At first glance, the strikers in prison may seem to have little in common with the recent labor actions taken by teachers in West Virginia or nurses in Rhode Island. After all, workers in prison not only lack protections enjoyed by many people, such as OSHA standards and a minimum wage, but are uniquely vulnerable to retaliation by the people who imprison them: Organized resistance in carceral spaces has historically resulted in punitive isolation, bodily harm, and death.
But the wildfires spreading across California this summer provide a sharp example of the inequity of prison labor. The men and women risking their lives to stop them came from two distinct camps to do the exact same job. Nearly 4,000 trained firefighters from California prisons were paid $2 a day plus $1 an hour, while Cal Fire firefighters alongside them made a minimum of $10.50 an hour. The labor of the two groups was identical, drawing into stark relief the simple fact that incarcerated people are workers, many of whom do the exact same work as those of us outside of prisons, but for free or next to nothing. The fires also rejuvenated a familiar debate over whether or not the vocational training or rehabilitative benefits provided by some prison jobs outweighs the fact that it is, as the organizers of this year’s strike say, effectively slave labor.

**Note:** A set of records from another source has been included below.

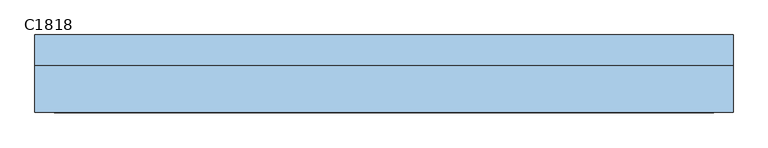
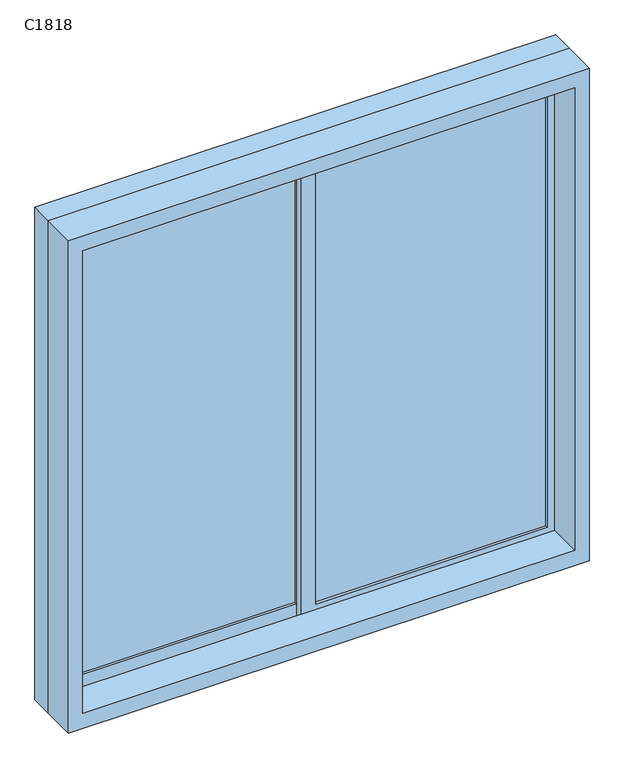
"""IFC4 building model written with IfcOpenShell, lengths in millimetres: window geometry, 推拉窗6 : C1818."""

from ifc_helpers import new_model, si_unit, frame, origin, place, context, project, spatial, polyline, outline, extrude, source, transform, mapped, element, save


def c1818_5bc19e4d(model_context):
    return source(origin(), model_context, "Body", "SweptSolid", [
        extrude(outline(polyline([(-815.475, 3.1265625), (-15.475, 3.1265625), (-15.475, -6.8734375), (-815.475, -6.8734375), (-815.475, 3.1265625)])), frame((0.0, 0.0, 675.0), z_axis=(0.0, 0.0, 1.0), x_axis=(1.0, 0.0, 0.0)), (0.0, 0.0, 1.0), 1650.0),
        extrude(outline(polyline([(34.525, -26.8734375), (834.525, -26.8734375), (834.525, -36.8734375), (34.525, -36.8734375), (34.525, -26.8734375)])), frame((0.0, 0.0, 675.0), z_axis=(0.0, 0.0, 1.0), x_axis=(1.0, 0.0, 0.0)), (0.0, 0.0, 1.0), 1650.0),
        extrude(outline(polyline([(2400.0, -890.475), (600.0, -890.475), (600.0, 909.525), (2400.0, 909.525), (2400.0, -890.475)]), holes=[polyline([(2345.0, 859.525), (655.0, 859.525), (655.0, -840.475), (2345.0, -840.475), (2345.0, 859.525)])]), frame((0.0, -166.8734375, 0.0), z_axis=(0.0, 1.0, 0.0), x_axis=(0.0, 0.0, 1.0)), (0.0, 0.0, 1.0), 120.0),
        extrude(outline(polyline([(625.0, 34.525), (2375.0, 34.525), (2375.0, -865.475), (625.0, -865.475), (625.0, 34.525)]), holes=[polyline([(675.0, -15.475), (675.0, -815.475), (2325.0, -815.475), (2325.0, -15.475), (675.0, -15.475)])]), frame((0.0, -16.8734375, 0.0), z_axis=(0.0, 1.0, 0.0), x_axis=(0.0, 0.0, 1.0)), (0.0, 0.0, 1.0), 30.0),
        extrude(outline(polyline([(2375.0, -15.475), (625.0, -15.475), (625.0, 884.525), (2375.0, 884.525), (2375.0, -15.475)]), holes=[polyline([(2325.0, 34.525), (2325.0, 834.525), (675.0, 834.525), (675.0, 34.525), (2325.0, 34.525)])]), frame((0.0, -46.8734375, 0.0), z_axis=(0.0, 1.0, 0.0), x_axis=(0.0, 0.0, 1.0)), (0.0, 0.0, 1.0), 30.0),
        extrude(outline(polyline([(2400.0, -890.475), (600.0, -890.475), (600.0, 909.525), (2400.0, 909.525), (2400.0, -890.475)]), holes=[polyline([(625.0, -865.475), (2375.0, -865.475), (2375.0, 884.525), (625.0, 884.525), (625.0, -865.475)])]), frame((0.0, -46.8734375, 0.0), z_axis=(0.0, 1.0, 0.0), x_axis=(0.0, 0.0, 1.0)), (0.0, 0.0, 1.0), 80.0),
    ])


if __name__ == "__main__":
    model = new_model("IFC4")
    model_context = context("Model", 3, world=origin())
    ifc_project = project(units=[si_unit("LENGTHUNIT", "METRE", prefix="MILLI")], contexts=[model_context])
    site = spatial("IfcSite", under=ifc_project)
    building = spatial("IfcBuilding", under=site)
    placement = place(None, origin())
    c1818_shape = c1818_5bc19e4d(model_context)
    element("IfcWindow", 1, ObjectType="推拉窗6 : C1818", at=placement, inside=building, context=model_context, shape_type="MappedRepresentation", body=[
        mapped(c1818_shape, transform((0.0, 0.0, 0.0), x_axis=(1.0, 0.0, 0.0), y_axis=(0.0, 1.0, 0.0), z_axis=(0.0, 0.0, 1.0))),
    ])
    save(model, "model.ifc")

But the cruel irony of Parker’s frustrating experience trying to find work was echoed here, too: In spite of what may appear to be a valuable vocational training program offered by the California Department of Corrections and Rehabilitation, becoming a firefighter in the state after release would require an emergency medical technician license, which isn’t available to people with criminal records.
There’s no question that jobs in prison sometimes provide skills-training for life after release, and many incarcerated people have made clear that working in prison can be fulfilling regardless. But experiences like those of Parker, Peril, and the California firefighters complicate the question of how valuable a job that pays next to nothing might be for a formerly incarcerated person saddled with a felony record. What is at stake in this strike is not a question of whether prison jobs rehabilitate, or whether they help people in prison pass the time with a greater sense of purpose. At its core, the demand to end prison slavery is just that: a reminder that prison work is work, and it’s time to pay up.